= Bevil Higgons =

English historian and poet

Bevil Higgons (1670–1735) was an English historian and poet.

==Life==
Higgons was born at Kezo, the third son of Sir Thomas Higgons, by his second wife, Bridget, who was herself the daughter of Sir Bevil Grenville, and widow of Sir Simon Leach of Cadleigh, Devon. In Lent term 1686, when aged 16, Higgons matriculated as a commoner at St John's College, Oxford, but shortly migrated to Trinity Hall, Cambridge.

On leaving university Higgons entered the Middle Temple. His family were Jacobites, and his uncle Denis Grenville had accompanied James II to France. Higgons spent some years in exile along with his brother Thomas Higgons. After he was allowed to return to England, he and his two brothers were suspected in 1695 of knowledge of the conspiracy against the life of William III; Bevil was said to have dissuaded his brother Thomas from joining it. A proclamation for the arrest of George Higgons and his two brothers was issued by William on 23 February 1696. Their detention did not last long.

The rest of Higgons's life was spent as a writer. He died on 1 March 1735. He was buried in Old St. Pancras Churchyard on 6 March 1735. The grave is lost and his name is not listed on the Burdett-Coutts Memorial to important graves lost therein.

==Works==
The main works of Higgons were historical, the major one being A Short View of the English History; with Reflections on the Reigns of the Kings, their Characters and Manners, their Succession to the Throne; and all other remarkable incidents, to the Revolution, 1688 (1723). Another edition was issued at the Hague in 1727, an edition with additions appeared in London in 1734, and a third edition in 1748, each of the last two having a dedication to the Duchess of Buckingham and Normanby.
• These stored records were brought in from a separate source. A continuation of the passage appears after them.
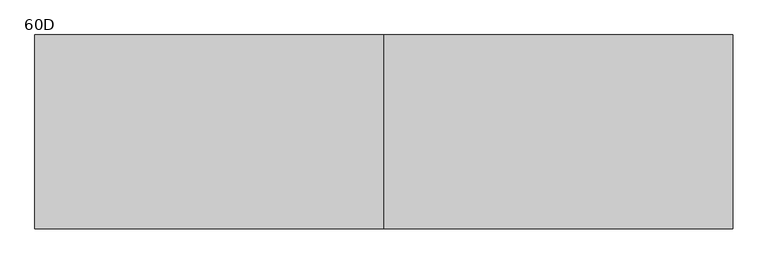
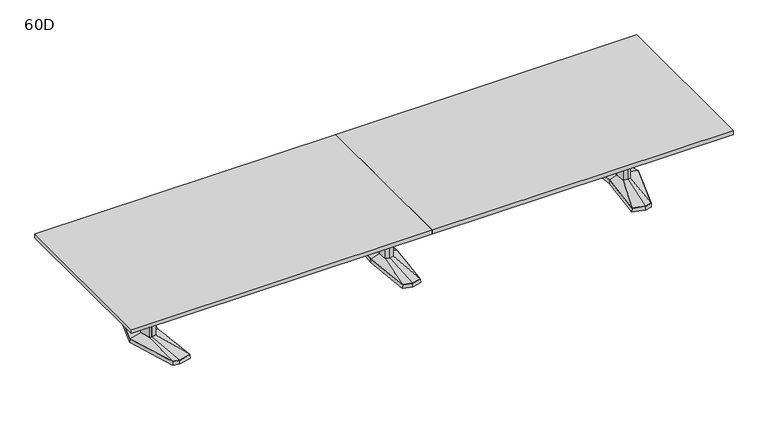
"""IFC4 building model written with IfcOpenShell, lengths in millimetres: furniture geometry, Coalesse_AM_Table_Conference_ETable2_Rectangular_18ft_AluminiumBase : 60D."""

import ifcopenshell
import ifcopenshell.guid

model = None  # the IFC model being written
_history = None  # IfcOwnerHistory: only IFC2X3 demands one
_inside = {}  # id of a spatial element -> (the spatial element, [elements in it])
_under = {}  # id of a project, library or spatial element -> (it, [spatial elements below it])
_declared = {}  # id of a project -> (the project, [libraries it declares])
_typed = {}  # id of a type object -> (the type object, [elements of that type])
_made_of = {}  # id of a material, layer set ... -> (it, [elements and type objects made of it])


def new_model(schema):
    """Start an empty IFC model of exactly this schema.

    Asked for "IFC4X3", IfcOpenShell would pick the latest addendum, in which some entities
    have other attributes; the version numbers below select the first issue.
    IFC2X3 requires an IfcOwnerHistory on every rooted entity: one is made here for all.
    """
    global model, _history
    if schema == "IFC4X3":
        model = ifcopenshell.file(schema_version=(4, 3, 0, 0))
    else:
        model = ifcopenshell.file(schema=schema)
    _inside.clear()
    _under.clear()
    _declared.clear()
    _typed.clear()
    _made_of.clear()
    _history = None
    if model.schema == "IFC2X3":
        org = make("IfcOrganization", Name="unknown")
        user = make(
            "IfcPersonAndOrganization",
            ThePerson=make("IfcPerson", FamilyName="unknown"),
            TheOrganization=org,
        )
        app = make(
            "IfcApplication",
            ApplicationDeveloper=org,
            Version="unknown",
            ApplicationFullName="unknown",
            ApplicationIdentifier="unknown",
        )
        _history = make(
            "IfcOwnerHistory",
            OwningUser=user,
            OwningApplication=app,
            ChangeAction="ADDED",
            CreationDate=0,
        )
    return model


def make(cls, **values):
    """One entity of the class cls with the attributes given. An attribute that is None is left unset."""
    return model.create_entity(
        cls, **{name: value for name, value in values.items() if value is not None}
    )


def rooted(cls, **values):
    """An entity with a GlobalId (a new one), such as an element, a storey or a relation."""
    return make(cls, GlobalId=ifcopenshell.guid.new(), OwnerHistory=_history, **values)


def si_unit(unit_type, name, prefix=None):
    """IfcSIUnit, for example si_unit("LENGTHUNIT", "METRE", prefix="MILLI")."""
    return make("IfcSIUnit", UnitType=unit_type, Prefix=prefix, Name=name)


def assignment(units):
    """IfcUnitAssignment: the units of a project."""
    return None if units is None else make("IfcUnitAssignment", Units=units)


def point(xyz):
    """IfcCartesianPoint."""
    return None if xyz is None else make("IfcCartesianPoint", Coordinates=xyz)


def direction(xyz):
    """IfcDirection."""
    return None if xyz is None else make("IfcDirection", DirectionRatios=xyz)


def frame(location, z_axis=None, x_axis=None):
    """IfcAxis2Placement3D, a coordinate frame: its origin and axes. An axis left out is left unset."""
    return make(
        "IfcAxis2Placement3D",
        Location=point(location),
        Axis=direction(z_axis),
        RefDirection=direction(x_axis),
    )


def origin():
    """The frame at (0, 0, 0) with its axes left unset."""
    return frame((0.0, 0.0, 0.0))


def place(relative_to, where):
    """IfcLocalPlacement: puts the frame where relative to a parent placement (None: the world)."""
    return make(
        "IfcLocalPlacement", PlacementRelTo=relative_to, RelativePlacement=where
    )


def context(
    kind, dimensions, precision=None, world=None, true_north=None, identifier=None
):
    """IfcGeometricRepresentationContext, for example the 3D "Model" context."""
    return make(
        "IfcGeometricRepresentationContext",
        ContextIdentifier=identifier,
        ContextType=kind,
        CoordinateSpaceDimension=dimensions,
        Precision=precision,
        WorldCoordinateSystem=world,
        TrueNorth=true_north,
    )


def project(units=None, contexts=None):
    """IfcProject with its units and contexts."""
    return rooted(
        "IfcProject",
        Name="project",
        RepresentationContexts=contexts,
        UnitsInContext=assignment(units),
    )


def spatial(cls, under=None, at=None, **own):
    """A site, building, storey or space (cls), placed at a placement, below another one or the project."""
    s = rooted(cls, ObjectPlacement=at, **own)
    if under is not None:
        _under.setdefault(under.id(), (under, []))[1].append(s)
    return s


def polyline(points):
    """IfcPolyline through the points."""
    return make("IfcPolyline", Points=[point(p) for p in points])


def outline(outer, holes=None, kind="AREA"):
    """IfcArbitraryClosedProfileDef: a profile drawn as a closed curve; with holes, ...WithVoids."""
    if holes is None:
        return make("IfcArbitraryClosedProfileDef", ProfileType=kind, OuterCurve=outer)
    return make(
        "IfcArbitraryProfileDefWithVoids",
        ProfileType=kind,
        OuterCurve=outer,
        InnerCurves=holes,
    )


def extrude(swept, where, along, depth):
    """IfcExtrudedAreaSolid: the profile swept, set in the frame where, extruded along a direction by depth."""
    return make(
        "IfcExtrudedAreaSolid",
        SweptArea=swept,
        Position=where,
        ExtrudedDirection=direction(along),
        Depth=depth,
    )


def faces_of(points, faces, orient=None, outer=None):
    """IfcFace entities. A face is a list of loops; a loop is a list of indices into points, from 0.

    orient and outer hold one flag for each loop. By default every Orientation is true, the
    first loop of a face is its IfcFaceOuterBound and the others are IfcFaceBound.
    """
    made = []
    for i, loops in enumerate(faces):
        bounds = []
        for j, loop in enumerate(loops):
            is_outer = j == 0 if outer is None else outer[i][j]
            bounds.append(
                make(
                    "IfcFaceOuterBound" if is_outer else "IfcFaceBound",
                    Bound=make("IfcPolyLoop", Polygon=[points[k] for k in loop]),
                    Orientation=True if orient is None else orient[i][j],
                )
            )
        made.append(make("IfcFace", Bounds=bounds))
    return made


def faceted_brep(points, faces, orient=None, outer=None, voids=None):
    """IfcFacetedBrep: a solid bounded by flat faces; with voids (closed shells), ...WithVoids."""
    shared = [point(p) for p in points]
    hull = make("IfcClosedShell", CfsFaces=faces_of(shared, faces, orient, outer))
    if voids is None:
        return make("IfcFacetedBrep", Outer=hull)
    return make(
        "IfcFacetedBrepWithVoids",
        Outer=hull,
        Voids=[
            make(cls, CfsFaces=faces_of(shared, fs, o, b)) for cls, fs, o, b in voids
        ],
    )


def shape(context_of_items, identifier, shape_type, items):
    """IfcShapeRepresentation: the items that make up one representation, for example the "Body"."""
    return make(
        "IfcShapeRepresentation",
        ContextOfItems=context_of_items,
        RepresentationIdentifier=identifier,
        RepresentationType=shape_type,
        Items=items,
    )


def source(mapping_origin, context_of_items, identifier, shape_type, items):
    """IfcRepresentationMap: a shape defined once, which mapped items show again and again."""
    return make(
        "IfcRepresentationMap",
        MappingOrigin=mapping_origin,
        MappedRepresentation=shape(context_of_items, identifier, shape_type, items),
    )


def transform(
    local_origin,
    x_axis=None,
    y_axis=None,
    z_axis=None,
    scale=None,
    scale2=None,
    scale3=None,
    uniform=True,
):
    """IfcCartesianTransformationOperator3D, or its non-uniform kind. x_axis, y_axis, z_axis: its Axis1, 2, 3."""
    if uniform:
        return make(
            "IfcCartesianTransformationOperator3D",
            Axis1=direction(x_axis),
            Axis2=direction(y_axis),
            LocalOrigin=point(local_origin),
            Scale=scale,
            Axis3=direction(z_axis),
        )
    return make(
        "IfcCartesianTransformationOperator3DnonUniform",
        Axis1=direction(x_axis),
        Axis2=direction(y_axis),
        LocalOrigin=point(local_origin),
        Scale=scale,
        Axis3=direction(z_axis),
        Scale2=scale2,
        Scale3=scale3,
    )


def mapped(mapping_source, mapping_target):
    """IfcMappedItem: shows the shape of a source again, moved by a transform."""
    return make(
        "IfcMappedItem", MappingSource=mapping_source, MappingTarget=mapping_target
    )


def made_of(thing, what):
    """Note that an element or type object is made of a material, layer set ...; save() writes the relation."""
    if what is not None:
        _made_of.setdefault(what.id(), (what, []))[1].append(thing)
    return thing


def element(
    cls,
    number,
    at=None,
    inside=None,
    cuts=None,
    type_object=None,
    material=None,
    context=None,
    identifier="Body",
    shape_type=None,
    held_by="IfcProductDefinitionShape",
    body=None,
    shapes=None,
    **own,
):
    """One element of the class cls, such as IfcWall. Its Tag is "e" and its number.

    at: its placement. inside: the storey or other place that contains it. cuts: it is an
    opening in that element (IfcRelVoidsElement). A single representation is given by context,
    identifier, shape_type and body (its items); several are given by shapes. held_by: the class
    of the entity that holds the representations. save() writes the other relations.
    """
    e = rooted(cls, Tag="e%d" % number, ObjectPlacement=at, **own)
    if body is not None:
        shapes = [shape(context, identifier, shape_type, body)]
    if shapes is not None:
        e.Representation = make(held_by, Representations=shapes)
    if inside is not None:
        _inside.setdefault(inside.id(), (inside, []))[1].append(e)
    if cuts is not None:
        rooted(
            "IfcRelVoidsElement", RelatingBuildingElement=cuts, RelatedOpeningElement=e
        )
    if type_object is not None:
        _typed.setdefault(type_object.id(), (type_object, []))[1].append(e)
    return made_of(e, material)


def aggregate(whole, parts):
    """IfcRelAggregates: a whole, such as a stair, and the parts it consists of."""
    return rooted("IfcRelAggregates", RelatingObject=whole, RelatedObjects=parts)


def save(model, path):
    """Write the relations noted so far, then the file.

    IfcRelAggregates (storeys below a building ...), IfcRelContainedInSpatialStructure (elements
    in a storey), IfcRelDefinesByType, IfcRelAssociatesMaterial and IfcRelDeclares: one each for
    every whole, place, type object, material and project.
    """
    for whole, parts in _under.values():
        aggregate(whole, parts)
    for where, things in _inside.values():
        rooted(
            "IfcRelContainedInSpatialStructure",
            RelatedElements=things,
            RelatingStructure=where,
        )
    for kind, things in _typed.values():
        rooted("IfcRelDefinesByType", RelatedObjects=things, RelatingType=kind)
    for what, things in _made_of.values():
        rooted("IfcRelAssociatesMaterial", RelatedObjects=things, RelatingMaterial=what)
    for by, libraries in _declared.values():
        rooted("IfcRelDeclares", RelatingContext=by, RelatedDefinitions=libraries)
    model.write(path)


def plane_surface(at):
    """IfcPlane: the flat surface through the origin of the frame at, square to its z axis."""
    return make("IfcPlane", Position=at)


def spline_surface(u_degree, v_degree, points, u_multiplicities, v_multiplicities, u_knots, v_knots, weights=None):
    """IfcBSplineSurfaceWithKnots; with weights, IfcRationalBSplineSurfaceWithKnots. points: one row for each step in u."""
    own = dict(
        UDegree=u_degree,
        VDegree=v_degree,
        ControlPointsList=[[point(p) for p in row] for row in points],
        SurfaceForm="UNSPECIFIED",
        UClosed=False,
        VClosed=False,
        SelfIntersect=False,
        UMultiplicities=u_multiplicities,
        VMultiplicities=v_multiplicities,
        UKnots=u_knots,
        VKnots=v_knots,
        KnotSpec="UNSPECIFIED",
    )
    if weights is None:
        return make("IfcBSplineSurfaceWithKnots", **own)
    return make("IfcRationalBSplineSurfaceWithKnots", WeightsData=weights, **own)


def advanced_brep(points, edges, surfaces, faces):
    """IfcAdvancedBrep: a solid bounded by faces that lie on surfaces and meet in shared edges.

    An edge is (start, end): straight between two places in points (the first is 0);
    or (start, end, curve); or (start, end, curve, False) where it runs against its curve.
    A face is (place in surfaces, loops), or (place, loops, False) where it looks against
    its surface's normal. A loop lists edges by number (the first is 1), with a minus sign
    where the edge is run from its end to its start. The first loop is the outer one.
    """
    corners = [point(p) for p in points]
    vertices = [make("IfcVertexPoint", VertexGeometry=c) for c in corners]
    made = []
    for start, end, *more in edges:
        made.append(
            make(
                "IfcEdgeCurve",
                EdgeStart=vertices[start],
                EdgeEnd=vertices[end],
                EdgeGeometry=more[0] if more else make("IfcPolyline", Points=[corners[start], corners[end]]),
                SameSense=more[1] if len(more) > 1 else True,
            )
        )
    hull = []
    for where, loops, *sense in faces:
        bounds = []
        for j, loop in enumerate(loops):
            ring = [make("IfcOrientedEdge", EdgeElement=made[abs(k) - 1], Orientation=k > 0) for k in loop]
            bounds.append(
                make(
                    "IfcFaceOuterBound" if j == 0 else "IfcFaceBound",
                    Bound=make("IfcEdgeLoop", EdgeList=ring),
                    Orientation=True,
                )
            )
        hull.append(make("IfcAdvancedFace", Bounds=bounds, FaceSurface=surfaces[where], SameSense=sense[0] if sense else True))
    return make("IfcAdvancedBrep", Outer=make("IfcClosedShell", CfsFaces=hull))


def furniture_60d_978beac0(model_context):
    return source(origin(), model_context, "Body", "SolidModel", [
        faceted_brep([(-81.2333791, -433.8053819, 38.1), (0.0, -455.556576, 38.1), (81.2333791, -433.8053819, 38.1), (119.0564774, 0.0, 38.1), (81.2333791, 433.8053819, 38.1), (0.0, 455.556576, 38.1), (-81.2333791, 433.8053819, 38.1), (-119.0564774, 0.0, 38.1), (-82.7182795, -435.0512063, 3.175), (-120.65, 0.0, 3.175), (-82.7182795, 435.0512063, 3.175), (0.0, 457.2, 3.175), (82.7182795, 435.0512063, 3.175), (120.65, 0.0, 3.175), (82.7182795, -435.0512063, 3.175), (0.0, -457.2, 3.175), (0.0, 429.2617927, 3.175), (-77.9676806, 408.3850278, 3.175), (-74.7019821, 382.9646737, 3.175), (0.0, 402.9670094, 3.175), (74.7019821, 382.9646737, 3.175), (77.9676806, 408.3850278, 3.175), (0.0, -429.2617927, 3.175), (77.9676806, -408.3850278, 3.175), (74.7019821, -382.9646737, 3.175), (0.0, -402.9670094, 3.175), (-74.7019821, -382.9646737, 3.175), (-77.9676806, -408.3850278, 3.175), (-71.8574262, 114.6326257, 3.175), (-82.5426076, 0.0, 3.175), (-71.8574262, -114.6326257, 3.175), (0.0, -133.8761372, 3.175), (71.8574262, -114.6326257, 3.175), (82.5426076, 0.0, 3.175), (71.8574262, 114.6326257, 3.175), (0.0, 133.8761372, 3.175), (0.0, 429.2617927, 0.0), (77.9676806, 408.3850278, 0.0), (74.7019821, 382.9646737, 0.0), (0.0, 402.9670094, 0.0), (-74.7019821, 382.9646737, 0.0), (-77.9676806, 408.3850278, 0.0), (0.0, -429.2617927, 0.0), (-77.9676806, -408.3850278, 0.0), (-74.7019821, -382.9646737, 0.0), (0.0, -402.9670094, 0.0), (74.7019821, -382.9646737, 0.0), (77.9676806, -408.3850278, 0.0), (-71.8574262, 114.6326257, 0.0), (0.0, 133.8761372, 0.0), (71.8574262, 114.6326257, 0.0), (82.5426076, 0.0, 0.0), (71.8574262, -114.6326257, 0.0), (0.0, -133.8761372, 0.0), (-71.8574262, -114.6326257, 0.0), (-82.5426076, 0.0, 0.0)], [[[0, 1, 2, 3, 4, 5, 6, 7]], [[8, 9, 10, 11, 12, 13, 14, 15], [16, 17, 18, 19, 20, 21], [22, 23, 24, 25, 26, 27], [28, 29, 30, 31, 32, 33, 34, 35]], [[1, 0, 8, 15]], [[2, 1, 15, 14]], [[3, 2, 14, 13]], [[4, 3, 13, 12]], [[5, 4, 12, 11]], [[6, 5, 11, 10]], [[7, 6, 10, 9]], [[0, 7, 9, 8]], [[36, 37, 38, 39, 40, 41]], [[42, 43, 44, 45, 46, 47]], [[48, 49, 50, 51, 52, 53, 54, 55]], [[36, 41, 17, 16]], [[41, 40, 18, 17]], [[40, 39, 19, 18]], [[39, 38, 20, 19]], [[38, 37, 21, 20]], [[37, 36, 16, 21]], [[42, 47, 23, 22]], [[47, 46, 24, 23]], [[46, 45, 25, 24]], [[45, 44, 26, 25]], [[44, 43, 27, 26]], [[43, 42, 22, 27]], [[48, 55, 29, 28]], [[55, 54, 30, 29]], [[54, 53, 31, 30]], [[53, 52, 32, 31]], [[52, 51, 33, 32]], [[51, 50, 34, 33]], [[50, 49, 35, 34]], [[49, 48, 28, 35]]]),
        faceted_brep([(-36.3832834, 84.6900825, 698.5), (-44.2774487, 0.0, 698.5), (-36.3832834, -84.6900825, 698.5), (0.0, -94.4335728, 698.5), (36.3832834, -84.6900825, 698.5), (44.2774487, 0.0, 698.5), (36.3832834, 84.6900825, 698.5), (0.0, 94.4335728, 698.5), (-36.3832834, 84.6900825, 63.5), (0.0, 94.4335728, 63.5), (36.3832834, 84.6900825, 63.5), (44.2774487, 0.0, 63.5), (36.3832834, -84.6900825, 63.5), (0.0, -94.4335728, 63.5), (-36.3832834, -84.6900825, 63.5), (-44.2774487, 0.0, 63.5)], [[[0, 1, 2, 3, 4, 5, 6, 7]], [[8, 9, 10, 11, 12, 13, 14, 15]], [[1, 0, 8, 15]], [[2, 1, 15, 14]], [[3, 2, 14, 13]], [[4, 3, 13, 12]], [[5, 4, 12, 11]], [[6, 5, 11, 10]], [[7, 6, 10, 9]], [[0, 7, 9, 8]]]),
        advanced_brep(
        [(-36.3832834, 84.6900825, 63.5), (-44.2774487, 0.0, 63.5), (-36.3832834, -84.6900825, 63.5), (0.0, -94.4335728, 63.5), (36.3832834, -84.6900825, 63.5), (44.2774487, 0.0, 63.5), (36.3832834, 84.6900825, 63.5), (0.0, 94.4335728, 63.5), (-81.2333791, 433.8053819, 38.1), (0.0, 455.556576, 38.1), (81.2333791, 433.8053819, 38.1), (119.0564774, 0.0, 38.1), (81.2333791, -433.8053819, 38.1), (0.0, -455.556576, 38.1), (-81.2333791, -433.8053819, 38.1), (-119.0564774, 0.0, 38.1)],
        [
            (0, 1),
            (1, 2),
            (2, 3),
            (3, 4),
            (4, 5),
            (5, 6),
            (6, 7),
            (7, 0),
            (8, 9),
            (9, 10),
            (10, 11),
            (11, 12),
            (12, 13),
            (13, 14),
            (14, 15),
            (15, 8),
            (15, 1),
            (0, 8),
            (14, 2),
            (13, 3),
            (12, 4),
            (11, 5),
            (10, 6),
            (9, 7),
        ],
        [
            plane_surface(frame((0.0, 0.0, 63.5), z_axis=(0.0, 0.0, 1.0000000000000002), x_axis=(-0.9659615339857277, -0.25868574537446, 0.0))),
            plane_surface(frame((0.0, 0.0, 38.1), z_axis=(0.0, 0.0, -1.0000000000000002), x_axis=(-0.9659615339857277, -0.25868574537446, 0.0))),
            spline_surface(1, 1, [[(-81.2333791, 433.8053819, 38.1), (-36.3832834, 84.6900825, 63.5)], [(-119.0564774, 0.0, 38.1), (-44.2774487, 0.0, 63.5)]], [2, 2], [2, 2], [0.0, 1.0], [0.0, 1.0]),
            spline_surface(1, 1, [[(-119.0564774, 0.0, 38.1), (-44.2774487, 0.0, 63.5)], [(-81.2333791, -433.8053819, 38.1), (-36.3832834, -84.6900825, 63.5)]], [2, 2], [2, 2], [0.0, 1.0], [0.0, 1.0]),
            spline_surface(1, 1, [[(-81.2333791, -433.8053819, 38.1), (-36.3832834, -84.6900825, 63.5)], [(0.0, -455.556576, 38.1), (0.0, -94.4335728, 63.5)]], [2, 2], [2, 2], [0.0, 1.0], [0.0, 1.0]),
            spline_surface(1, 1, [[(0.0, -455.556576, 38.1), (0.0, -94.4335728, 63.5)], [(81.2333791, -433.8053819, 38.1), (36.3832834, -84.6900825, 63.5)]], [2, 2], [2, 2], [0.0, 1.0], [0.0, 1.0]),
            spline_surface(1, 1, [[(81.2333791, -433.8053819, 38.1), (36.3832834, -84.6900825, 63.5)], [(119.0564774, 0.0, 38.1), (44.2774487, 0.0, 63.5)]], [2, 2], [2, 2], [0.0, 1.0], [0.0, 1.0]),
            spline_surface(1, 1, [[(119.0564774, 0.0, 38.1), (44.2774487, 0.0, 63.5)], [(81.2333791, 433.8053819, 38.1), (36.3832834, 84.6900825, 63.5)]], [2, 2], [2, 2], [0.0, 1.0], [0.0, 1.0]),
            spline_surface(1, 1, [[(81.2333791, 433.8053819, 38.1), (36.3832834, 84.6900825, 63.5)], [(0.0, 455.556576, 38.1), (0.0, 94.4335728, 63.5)]], [2, 2], [2, 2], [0.0, 1.0], [0.0, 1.0]),
            spline_surface(1, 1, [[(0.0, 455.556576, 38.1), (0.0, 94.4335728, 63.5)], [(-81.2333791, 433.8053819, 38.1), (-36.3832834, 84.6900825, 63.5)]], [2, 2], [2, 2], [0.0, 1.0], [0.0, 1.0]),
        ],
        [
            (0, [[1, 2, 3, 4, 5, 6, 7, 8]]),
            (1, [[9, 10, 11, 12, 13, 14, 15, 16]]),
            (2, [[-16, 17, -1, 18]]),
            (3, [[-15, 19, -2, -17]]),
            (4, [[-14, 20, -3, -19]]),
            (5, [[-13, 21, -4, -20]]),
            (6, [[-12, 22, -5, -21]]),
            (7, [[-11, 23, -6, -22]]),
            (8, [[-10, 24, -7, -23]]),
            (9, [[-9, -18, -8, -24]]),
        ],
    ),
        faceted_brep([(2125.0306835, 455.5848221, 38.1), (2015.4531277, 426.2263816, 38.1), (2056.6163717, 0.0, 38.1), (2015.4531277, -426.2263816, 38.1), (2125.0306835, -455.5848221, 38.1), (2181.1570396, -440.5478297, 38.1), (2318.4684269, 0.0, 38.1), (2181.1570396, 440.5478297, 38.1), (2125.0306754, 457.2283104, 3.175), (2182.4124472, 441.8549756, 3.175), (2320.13125, 0.0, 3.175), (2182.4124472, -441.8549756, 3.175), (2125.0306754, -457.2283104, 3.175), (2013.74375, -427.4118891, 3.175), (2055.0214856, 0.0, 3.175), (2013.74375, 427.4118891, 3.175), (2128.620115, 428.3273875, 3.175), (2023.5718228, 402.1057253, 3.175), (2031.690518, 377.985069, 3.175), (2132.2095466, 401.0699529, 3.175), (2182.7691725, 387.524361, 3.175), (2181.9631061, 414.0360954, 3.175), (2128.620115, -428.3273875, 3.175), (2181.9631061, -414.0360954, 3.175), (2182.7691725, -387.524361, 3.175), (2132.2095466, -401.0699529, 3.175), (2031.690518, -377.985069, 3.175), (2023.5718228, -402.1057253, 3.175), (2255.2153621, 0.0, 3.175), (2222.9459611, 120.4193755, 3.175), (2174.2987222, 133.471665, 3.175), (2094.4180526, 119.4176561, 3.175), (2083.2868466, 0.0, 3.175), (2094.4180526, -119.4176561, 3.175), (2174.2987222, -133.471665, 3.175), (2222.9459611, -120.4193755, 3.175), (2128.620115, 428.3273875, 0.0), (2181.9631061, 414.0360954, 0.0), (2182.7691725, 387.524361, 0.0), (2132.2095466, 401.0699529, 0.0), (2031.690518, 377.985069, 0.0), (2023.5718228, 402.1057253, 0.0), (2128.620115, -428.3273875, 0.0), (2023.5718228, -402.1057253, 0.0), (2031.690518, -377.985069, 0.0), (2132.2095466, -401.0699529, 0.0), (2182.7691725, -387.524361, 0.0), (2181.9631061, -414.0360954, 0.0), (2255.2153621, 0.0, 0.0), (2222.9459611, -120.4193755, 0.0), (2174.2987222, -133.471665, 0.0), (2094.4180526, -119.4176561, 0.0), (2083.2868466, 0.0, 0.0), (2094.4180526, 119.4176561, 0.0), (2174.2987222, 133.471665, 0.0), (2222.9459611, 120.4193755, 0.0)], [[[0, 1, 2, 3, 4, 5, 6, 7]], [[8, 9, 10, 11, 12, 13, 14, 15], [16, 17, 18, 19, 20, 21], [22, 23, 24, 25, 26, 27], [28, 29, 30, 31, 32, 33, 34, 35]], [[7, 9, 8, 0]], [[6, 10, 9, 7]], [[5, 11, 10, 6]], [[4, 12, 11, 5]], [[3, 13, 12, 4]], [[2, 14, 13, 3]], [[1, 15, 14, 2]], [[0, 8, 15, 1]], [[36, 37, 38, 39, 40, 41]], [[42, 43, 44, 45, 46, 47]], [[48, 49, 50, 51, 52, 53, 54, 55]], [[36, 16, 21, 37]], [[37, 21, 20, 38]], [[38, 20, 19, 39]], [[39, 19, 18, 40]], [[40, 18, 17, 41]], [[41, 17, 16, 36]], [[42, 22, 27, 43]], [[43, 27, 26, 44]], [[44, 26, 25, 45]], [[45, 25, 24, 46]], [[46, 24, 23, 47]], [[47, 23, 22, 42]], [[48, 28, 35, 49]], [[49, 35, 34, 50]], [[50, 34, 33, 51]], [[51, 33, 32, 52]], [[52, 32, 31, 53]], [[53, 31, 30, 54]], [[54, 30, 29, 55]], [[55, 29, 28, 48]]]),
        faceted_brep([(2215.7710836, 0.0, 698.5), (2191.8358546, 89.3188359, 698.5), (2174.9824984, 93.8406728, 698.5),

A translation into French was also published at the Hague in 1729. A related Historical and Critical Remarks on Bishop Burnet's History of his own Time was published by Higgons in 1725, and reached a second edition in 1727. Both were reissued in 1736, as his Historical Works. History of the Life and Reign of Mary Queen of Scots and Dowager of France (Dublin, 1753) claimed to be by Higgons.

Higgons wrote verses for the 1688 Cambridge University collection Illustrissimi principis ducis Cornubiæ genethliacon, addressed to Mary of Modena, on the birth of her son James Francis Edward Stuart. In Examen Poeticum, being the Third Part of Dryden's Miscellany, 1693, were poems by Higgons, and he prefixed lines to William Congreve's Old Bachelor. He wrote a Jacobite tragedy The Generous Conqueror, or the Timely Discovery (1702) which opened well but was found partisan, according to Charles Gildon. The prologue was by his relation George Granville, Lord Lansdowne and Higgons in turn composed the epilogue for Granville's Heroick Love, and the prologue for his Jew of Venice He is said to have contributed to a collection by Elijah Fenton of Poems on Several Occasions (1717), and his panegyric in verse of the Glorious Peace of Utrecht came out in 1731. Most of his pieces were reprinted in the collection of John Nichols.